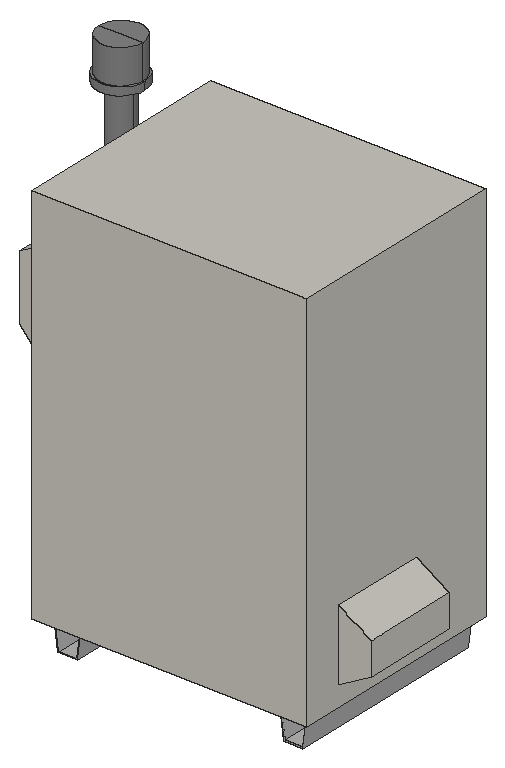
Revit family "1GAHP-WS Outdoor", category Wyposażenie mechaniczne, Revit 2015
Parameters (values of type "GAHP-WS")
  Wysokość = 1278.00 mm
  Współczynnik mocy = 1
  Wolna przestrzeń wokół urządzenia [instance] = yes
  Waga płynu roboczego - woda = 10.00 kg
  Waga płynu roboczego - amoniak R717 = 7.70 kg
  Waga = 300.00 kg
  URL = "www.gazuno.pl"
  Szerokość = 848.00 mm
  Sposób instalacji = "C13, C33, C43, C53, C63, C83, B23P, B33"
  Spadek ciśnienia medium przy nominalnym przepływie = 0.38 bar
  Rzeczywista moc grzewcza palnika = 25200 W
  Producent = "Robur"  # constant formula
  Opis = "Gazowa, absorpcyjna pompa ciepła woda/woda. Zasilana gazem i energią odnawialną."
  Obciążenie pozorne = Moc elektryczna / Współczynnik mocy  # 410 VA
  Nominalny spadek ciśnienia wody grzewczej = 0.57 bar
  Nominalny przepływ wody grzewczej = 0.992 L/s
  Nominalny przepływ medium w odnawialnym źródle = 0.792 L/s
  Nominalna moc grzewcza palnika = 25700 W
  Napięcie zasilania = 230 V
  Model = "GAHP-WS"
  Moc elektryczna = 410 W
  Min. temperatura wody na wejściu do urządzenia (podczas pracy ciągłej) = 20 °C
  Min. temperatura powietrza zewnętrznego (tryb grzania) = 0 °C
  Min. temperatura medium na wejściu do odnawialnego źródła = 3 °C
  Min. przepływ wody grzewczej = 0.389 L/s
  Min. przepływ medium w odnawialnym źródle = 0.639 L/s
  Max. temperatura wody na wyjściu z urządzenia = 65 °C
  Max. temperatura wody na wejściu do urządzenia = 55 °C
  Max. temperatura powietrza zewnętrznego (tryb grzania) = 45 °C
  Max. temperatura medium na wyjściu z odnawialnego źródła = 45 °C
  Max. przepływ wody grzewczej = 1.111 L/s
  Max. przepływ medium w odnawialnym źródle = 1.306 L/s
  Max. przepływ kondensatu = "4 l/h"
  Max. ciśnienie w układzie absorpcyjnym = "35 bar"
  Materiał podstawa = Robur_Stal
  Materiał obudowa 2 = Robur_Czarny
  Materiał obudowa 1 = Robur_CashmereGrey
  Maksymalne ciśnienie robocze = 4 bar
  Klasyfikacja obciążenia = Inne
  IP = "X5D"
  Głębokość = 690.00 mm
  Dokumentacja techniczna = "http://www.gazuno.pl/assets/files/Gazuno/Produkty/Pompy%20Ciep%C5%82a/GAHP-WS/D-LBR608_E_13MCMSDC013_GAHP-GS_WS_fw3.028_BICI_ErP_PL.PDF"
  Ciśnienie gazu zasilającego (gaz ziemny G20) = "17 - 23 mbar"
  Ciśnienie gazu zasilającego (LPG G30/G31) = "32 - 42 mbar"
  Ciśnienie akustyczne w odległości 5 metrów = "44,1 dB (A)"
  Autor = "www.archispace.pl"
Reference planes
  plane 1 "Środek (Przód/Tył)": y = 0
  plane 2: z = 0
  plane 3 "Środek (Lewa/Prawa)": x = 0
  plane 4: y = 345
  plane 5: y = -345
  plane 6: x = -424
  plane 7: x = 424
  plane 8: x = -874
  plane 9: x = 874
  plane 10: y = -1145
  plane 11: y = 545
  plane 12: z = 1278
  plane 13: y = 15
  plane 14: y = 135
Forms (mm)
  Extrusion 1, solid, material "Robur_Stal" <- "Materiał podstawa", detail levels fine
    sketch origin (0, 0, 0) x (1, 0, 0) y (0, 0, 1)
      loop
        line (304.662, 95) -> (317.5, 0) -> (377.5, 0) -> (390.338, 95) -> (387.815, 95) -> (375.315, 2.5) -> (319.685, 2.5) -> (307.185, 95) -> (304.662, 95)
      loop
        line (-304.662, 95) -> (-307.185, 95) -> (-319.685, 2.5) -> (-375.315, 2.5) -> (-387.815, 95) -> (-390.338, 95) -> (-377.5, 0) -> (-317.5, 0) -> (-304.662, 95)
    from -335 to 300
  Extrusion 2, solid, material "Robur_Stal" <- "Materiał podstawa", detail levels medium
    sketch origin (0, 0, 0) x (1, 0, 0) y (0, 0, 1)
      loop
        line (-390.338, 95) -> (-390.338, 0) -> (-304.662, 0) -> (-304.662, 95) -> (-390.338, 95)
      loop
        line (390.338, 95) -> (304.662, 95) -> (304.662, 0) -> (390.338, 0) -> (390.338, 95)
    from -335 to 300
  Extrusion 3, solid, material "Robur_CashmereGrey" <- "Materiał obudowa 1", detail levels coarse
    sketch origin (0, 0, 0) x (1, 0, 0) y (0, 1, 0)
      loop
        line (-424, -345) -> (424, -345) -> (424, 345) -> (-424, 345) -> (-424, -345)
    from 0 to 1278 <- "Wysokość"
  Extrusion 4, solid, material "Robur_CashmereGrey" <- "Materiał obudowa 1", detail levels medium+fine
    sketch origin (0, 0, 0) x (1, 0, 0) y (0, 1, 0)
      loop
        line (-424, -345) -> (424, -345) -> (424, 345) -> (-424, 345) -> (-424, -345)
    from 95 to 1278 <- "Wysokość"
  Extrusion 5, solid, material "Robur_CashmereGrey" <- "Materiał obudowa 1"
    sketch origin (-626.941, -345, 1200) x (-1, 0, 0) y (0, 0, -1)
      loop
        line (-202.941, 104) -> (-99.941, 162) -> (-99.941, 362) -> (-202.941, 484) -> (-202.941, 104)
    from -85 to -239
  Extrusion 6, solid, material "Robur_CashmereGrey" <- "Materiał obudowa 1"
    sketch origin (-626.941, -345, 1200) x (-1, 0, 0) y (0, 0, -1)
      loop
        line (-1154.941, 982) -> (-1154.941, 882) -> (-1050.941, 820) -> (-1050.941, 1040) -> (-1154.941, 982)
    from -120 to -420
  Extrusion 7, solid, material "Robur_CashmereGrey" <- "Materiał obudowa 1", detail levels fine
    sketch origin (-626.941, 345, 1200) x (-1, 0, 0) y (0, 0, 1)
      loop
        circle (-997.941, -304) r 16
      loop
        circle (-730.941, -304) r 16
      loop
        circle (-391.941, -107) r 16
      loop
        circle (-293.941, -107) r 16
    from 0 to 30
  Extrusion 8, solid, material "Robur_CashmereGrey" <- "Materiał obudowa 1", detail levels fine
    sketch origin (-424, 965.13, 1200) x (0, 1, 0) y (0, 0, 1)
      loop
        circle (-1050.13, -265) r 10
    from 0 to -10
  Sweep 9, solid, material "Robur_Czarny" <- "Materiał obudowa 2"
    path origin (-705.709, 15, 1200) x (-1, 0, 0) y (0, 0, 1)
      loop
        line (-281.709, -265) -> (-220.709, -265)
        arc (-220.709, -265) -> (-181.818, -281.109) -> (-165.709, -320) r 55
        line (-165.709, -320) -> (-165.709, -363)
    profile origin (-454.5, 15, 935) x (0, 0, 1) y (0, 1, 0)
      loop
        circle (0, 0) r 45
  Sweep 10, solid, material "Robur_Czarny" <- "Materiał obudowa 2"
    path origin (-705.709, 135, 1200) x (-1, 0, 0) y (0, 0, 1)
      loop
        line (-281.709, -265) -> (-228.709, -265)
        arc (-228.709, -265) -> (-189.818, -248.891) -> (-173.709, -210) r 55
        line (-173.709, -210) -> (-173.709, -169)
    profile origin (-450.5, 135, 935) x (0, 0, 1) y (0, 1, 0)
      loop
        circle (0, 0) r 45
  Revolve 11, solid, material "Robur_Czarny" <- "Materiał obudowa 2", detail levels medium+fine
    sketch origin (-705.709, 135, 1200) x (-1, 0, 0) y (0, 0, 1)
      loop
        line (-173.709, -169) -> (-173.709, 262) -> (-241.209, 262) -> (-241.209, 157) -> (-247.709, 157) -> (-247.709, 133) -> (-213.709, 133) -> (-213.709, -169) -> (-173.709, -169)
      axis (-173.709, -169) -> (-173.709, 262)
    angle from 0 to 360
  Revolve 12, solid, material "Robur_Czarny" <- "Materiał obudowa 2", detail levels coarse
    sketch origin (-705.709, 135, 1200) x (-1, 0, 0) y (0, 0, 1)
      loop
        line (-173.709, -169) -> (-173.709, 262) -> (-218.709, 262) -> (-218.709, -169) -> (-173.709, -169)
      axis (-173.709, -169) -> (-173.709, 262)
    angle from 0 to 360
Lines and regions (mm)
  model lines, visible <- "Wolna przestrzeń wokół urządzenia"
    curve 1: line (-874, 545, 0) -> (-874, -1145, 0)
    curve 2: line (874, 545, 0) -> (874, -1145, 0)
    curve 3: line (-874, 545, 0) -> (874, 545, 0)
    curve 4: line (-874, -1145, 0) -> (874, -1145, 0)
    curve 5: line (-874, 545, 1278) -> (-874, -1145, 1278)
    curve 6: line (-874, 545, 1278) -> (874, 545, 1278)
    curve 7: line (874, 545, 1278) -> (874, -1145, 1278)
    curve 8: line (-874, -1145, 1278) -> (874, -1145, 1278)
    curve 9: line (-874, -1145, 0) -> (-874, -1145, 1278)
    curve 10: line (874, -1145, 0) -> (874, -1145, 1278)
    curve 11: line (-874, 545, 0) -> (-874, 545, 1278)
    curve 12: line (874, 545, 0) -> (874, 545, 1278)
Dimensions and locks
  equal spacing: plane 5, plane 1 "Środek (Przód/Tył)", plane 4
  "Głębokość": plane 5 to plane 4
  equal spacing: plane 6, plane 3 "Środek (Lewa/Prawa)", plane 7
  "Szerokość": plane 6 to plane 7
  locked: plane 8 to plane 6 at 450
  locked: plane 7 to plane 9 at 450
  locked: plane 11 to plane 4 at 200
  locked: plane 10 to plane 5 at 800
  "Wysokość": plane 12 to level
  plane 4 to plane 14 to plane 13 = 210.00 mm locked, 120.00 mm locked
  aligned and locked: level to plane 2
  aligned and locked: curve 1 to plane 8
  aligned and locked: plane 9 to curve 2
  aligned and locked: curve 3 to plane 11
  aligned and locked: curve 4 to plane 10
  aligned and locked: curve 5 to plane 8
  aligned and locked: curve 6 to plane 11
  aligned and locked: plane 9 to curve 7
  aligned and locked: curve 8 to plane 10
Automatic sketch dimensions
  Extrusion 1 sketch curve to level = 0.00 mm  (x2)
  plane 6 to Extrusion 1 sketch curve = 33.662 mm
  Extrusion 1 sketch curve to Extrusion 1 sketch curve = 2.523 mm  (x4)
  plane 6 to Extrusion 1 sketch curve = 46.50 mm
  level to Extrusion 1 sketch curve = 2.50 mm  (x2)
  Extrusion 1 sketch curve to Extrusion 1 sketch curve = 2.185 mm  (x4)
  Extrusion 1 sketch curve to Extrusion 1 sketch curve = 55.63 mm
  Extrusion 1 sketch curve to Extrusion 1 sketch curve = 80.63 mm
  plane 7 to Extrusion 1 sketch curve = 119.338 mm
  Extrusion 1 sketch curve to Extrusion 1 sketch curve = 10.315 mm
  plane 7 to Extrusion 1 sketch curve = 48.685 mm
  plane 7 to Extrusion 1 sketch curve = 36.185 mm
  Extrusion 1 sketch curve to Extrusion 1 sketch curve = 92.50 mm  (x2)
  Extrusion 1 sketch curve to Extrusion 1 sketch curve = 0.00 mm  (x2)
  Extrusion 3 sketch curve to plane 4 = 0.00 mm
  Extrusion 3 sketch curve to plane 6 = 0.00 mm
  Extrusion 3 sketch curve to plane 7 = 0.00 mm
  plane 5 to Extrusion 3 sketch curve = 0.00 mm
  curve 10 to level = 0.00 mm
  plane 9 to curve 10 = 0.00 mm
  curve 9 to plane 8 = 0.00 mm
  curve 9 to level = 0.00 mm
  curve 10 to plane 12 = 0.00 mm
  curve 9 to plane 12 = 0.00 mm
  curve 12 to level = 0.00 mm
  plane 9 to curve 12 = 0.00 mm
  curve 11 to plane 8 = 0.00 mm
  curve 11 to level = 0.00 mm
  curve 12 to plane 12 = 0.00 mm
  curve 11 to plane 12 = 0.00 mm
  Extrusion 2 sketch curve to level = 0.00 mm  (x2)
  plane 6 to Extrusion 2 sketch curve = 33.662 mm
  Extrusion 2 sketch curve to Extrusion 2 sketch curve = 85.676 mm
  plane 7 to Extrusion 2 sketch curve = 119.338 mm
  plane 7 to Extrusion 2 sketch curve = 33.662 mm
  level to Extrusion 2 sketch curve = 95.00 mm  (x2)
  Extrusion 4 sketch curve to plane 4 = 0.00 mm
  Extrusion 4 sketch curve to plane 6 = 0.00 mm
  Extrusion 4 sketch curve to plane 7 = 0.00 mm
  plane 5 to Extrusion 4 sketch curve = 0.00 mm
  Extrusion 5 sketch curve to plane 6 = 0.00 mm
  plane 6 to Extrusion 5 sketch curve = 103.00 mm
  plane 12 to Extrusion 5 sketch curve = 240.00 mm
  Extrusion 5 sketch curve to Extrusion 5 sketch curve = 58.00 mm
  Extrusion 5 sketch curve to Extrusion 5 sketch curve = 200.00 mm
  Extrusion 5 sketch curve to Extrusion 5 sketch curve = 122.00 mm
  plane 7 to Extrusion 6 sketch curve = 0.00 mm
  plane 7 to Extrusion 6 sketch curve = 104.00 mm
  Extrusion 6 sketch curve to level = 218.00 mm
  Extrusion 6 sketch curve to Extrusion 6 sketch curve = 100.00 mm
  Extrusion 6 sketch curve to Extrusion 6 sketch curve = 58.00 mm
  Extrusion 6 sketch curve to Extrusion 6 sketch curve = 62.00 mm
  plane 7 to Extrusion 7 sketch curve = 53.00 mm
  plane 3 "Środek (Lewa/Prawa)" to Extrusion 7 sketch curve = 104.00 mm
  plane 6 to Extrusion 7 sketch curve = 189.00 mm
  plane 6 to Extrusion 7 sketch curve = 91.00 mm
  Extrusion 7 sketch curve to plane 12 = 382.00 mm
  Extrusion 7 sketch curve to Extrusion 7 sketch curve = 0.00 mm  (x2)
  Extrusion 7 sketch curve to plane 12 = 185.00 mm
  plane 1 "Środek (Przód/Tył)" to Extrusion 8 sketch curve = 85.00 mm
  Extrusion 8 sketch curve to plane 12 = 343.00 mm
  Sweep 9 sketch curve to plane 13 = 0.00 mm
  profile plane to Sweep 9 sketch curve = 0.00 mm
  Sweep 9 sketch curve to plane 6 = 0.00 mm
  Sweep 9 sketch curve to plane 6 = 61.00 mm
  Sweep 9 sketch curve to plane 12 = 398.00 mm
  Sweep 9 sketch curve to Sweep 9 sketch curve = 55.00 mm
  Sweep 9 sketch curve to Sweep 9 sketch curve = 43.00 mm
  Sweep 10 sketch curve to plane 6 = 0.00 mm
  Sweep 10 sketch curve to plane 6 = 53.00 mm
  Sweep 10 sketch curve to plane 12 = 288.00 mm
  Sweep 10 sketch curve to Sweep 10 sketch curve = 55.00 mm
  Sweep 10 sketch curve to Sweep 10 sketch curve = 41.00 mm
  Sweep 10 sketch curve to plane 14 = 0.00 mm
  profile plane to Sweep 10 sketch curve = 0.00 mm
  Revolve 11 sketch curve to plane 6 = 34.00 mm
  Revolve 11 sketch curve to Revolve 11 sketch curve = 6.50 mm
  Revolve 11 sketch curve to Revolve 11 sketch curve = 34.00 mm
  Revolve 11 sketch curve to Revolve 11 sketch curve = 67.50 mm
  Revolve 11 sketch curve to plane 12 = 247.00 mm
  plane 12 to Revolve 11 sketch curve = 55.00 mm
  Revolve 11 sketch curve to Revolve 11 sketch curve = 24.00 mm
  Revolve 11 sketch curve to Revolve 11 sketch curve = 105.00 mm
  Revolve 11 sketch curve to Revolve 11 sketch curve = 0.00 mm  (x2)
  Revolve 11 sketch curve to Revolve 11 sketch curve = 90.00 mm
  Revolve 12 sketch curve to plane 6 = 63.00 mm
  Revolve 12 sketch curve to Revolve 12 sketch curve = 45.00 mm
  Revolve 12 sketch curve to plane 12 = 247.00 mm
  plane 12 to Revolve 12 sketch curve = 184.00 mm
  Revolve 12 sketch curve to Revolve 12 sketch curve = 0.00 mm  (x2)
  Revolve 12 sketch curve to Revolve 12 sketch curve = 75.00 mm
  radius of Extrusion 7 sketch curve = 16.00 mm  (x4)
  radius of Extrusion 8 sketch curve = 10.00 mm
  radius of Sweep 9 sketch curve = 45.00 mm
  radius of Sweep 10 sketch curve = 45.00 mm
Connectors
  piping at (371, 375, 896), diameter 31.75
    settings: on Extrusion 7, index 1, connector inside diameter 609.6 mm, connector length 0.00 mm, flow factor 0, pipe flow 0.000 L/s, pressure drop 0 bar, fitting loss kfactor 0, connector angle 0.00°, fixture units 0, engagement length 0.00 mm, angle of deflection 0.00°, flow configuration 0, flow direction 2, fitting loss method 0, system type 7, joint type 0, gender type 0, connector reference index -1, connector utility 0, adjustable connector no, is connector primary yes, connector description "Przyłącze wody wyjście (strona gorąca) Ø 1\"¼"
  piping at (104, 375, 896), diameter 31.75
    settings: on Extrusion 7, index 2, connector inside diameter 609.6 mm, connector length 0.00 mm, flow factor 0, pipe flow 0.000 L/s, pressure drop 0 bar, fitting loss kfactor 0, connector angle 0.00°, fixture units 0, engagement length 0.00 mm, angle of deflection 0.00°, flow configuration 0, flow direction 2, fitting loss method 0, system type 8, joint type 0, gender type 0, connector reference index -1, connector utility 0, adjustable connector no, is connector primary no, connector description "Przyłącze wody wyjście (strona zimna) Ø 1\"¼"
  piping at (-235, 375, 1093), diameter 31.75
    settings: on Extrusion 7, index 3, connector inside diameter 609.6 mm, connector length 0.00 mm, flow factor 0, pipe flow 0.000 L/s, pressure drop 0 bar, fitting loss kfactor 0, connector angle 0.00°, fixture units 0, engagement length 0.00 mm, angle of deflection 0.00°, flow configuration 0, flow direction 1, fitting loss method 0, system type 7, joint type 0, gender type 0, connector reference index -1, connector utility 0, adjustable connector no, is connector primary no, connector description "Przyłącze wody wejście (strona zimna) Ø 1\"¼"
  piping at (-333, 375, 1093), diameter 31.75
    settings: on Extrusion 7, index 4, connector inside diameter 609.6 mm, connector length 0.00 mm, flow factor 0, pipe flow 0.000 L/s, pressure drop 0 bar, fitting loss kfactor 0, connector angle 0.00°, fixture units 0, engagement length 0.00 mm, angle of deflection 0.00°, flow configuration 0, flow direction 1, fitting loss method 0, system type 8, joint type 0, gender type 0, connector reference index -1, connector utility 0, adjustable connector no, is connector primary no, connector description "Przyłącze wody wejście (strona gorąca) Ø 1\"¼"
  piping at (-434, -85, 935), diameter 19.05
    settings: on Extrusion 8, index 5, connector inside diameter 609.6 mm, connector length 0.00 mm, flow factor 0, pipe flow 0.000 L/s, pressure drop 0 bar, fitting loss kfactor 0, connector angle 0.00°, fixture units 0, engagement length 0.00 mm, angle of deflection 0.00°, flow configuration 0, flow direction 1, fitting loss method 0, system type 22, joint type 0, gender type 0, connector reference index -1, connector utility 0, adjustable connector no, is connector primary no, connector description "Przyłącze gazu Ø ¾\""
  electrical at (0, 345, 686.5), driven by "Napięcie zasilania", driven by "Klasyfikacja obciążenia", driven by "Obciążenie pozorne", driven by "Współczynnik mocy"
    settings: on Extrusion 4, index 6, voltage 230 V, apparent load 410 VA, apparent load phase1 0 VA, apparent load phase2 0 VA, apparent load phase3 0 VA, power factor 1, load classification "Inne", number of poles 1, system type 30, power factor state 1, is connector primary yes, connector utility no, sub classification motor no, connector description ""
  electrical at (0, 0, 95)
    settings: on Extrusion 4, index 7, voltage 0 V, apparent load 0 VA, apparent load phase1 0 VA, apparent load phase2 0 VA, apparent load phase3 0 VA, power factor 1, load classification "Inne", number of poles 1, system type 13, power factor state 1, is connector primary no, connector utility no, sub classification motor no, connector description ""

**YOUR ASSIGNMENT**.
Above are the records; from them, give again exactly the lines from the one containing "plane 6 to Extrusion 7 sketch curve = 189.00" through the one containing "Sweep 9 sketch curve to plane 12", both included.

**ANSWER BELOW**.
  plane 6 to Extrusion 7 sketch curve = 189.00 mm
  plane 6 to Extrusion 7 sketch curve = 91.00 mm
  Extrusion 7 sketch curve to plane 12 = 382.00 mm
  Extrusion 7 sketch curve to Extrusion 7 sketch curve = 0.00 mm  (x2)
  Extrusion 7 sketch curve to plane 12 = 185.00 mm
  plane 1 "Środek (Przód/Tył)" to Extrusion 8 sketch curve = 85.00 mm
  Extrusion 8 sketch curve to plane 12 = 343.00 mm
  Sweep 9 sketch curve to plane 13 = 0.00 mm
  profile plane to Sweep 9 sketch curve = 0.00 mm
  Sweep 9 sketch curve to plane 6 = 0.00 mm
  Sweep 9 sketch curve to plane 6 = 61.00 mm
  Sweep 9 sketch curve to plane 12 = 398.00 mm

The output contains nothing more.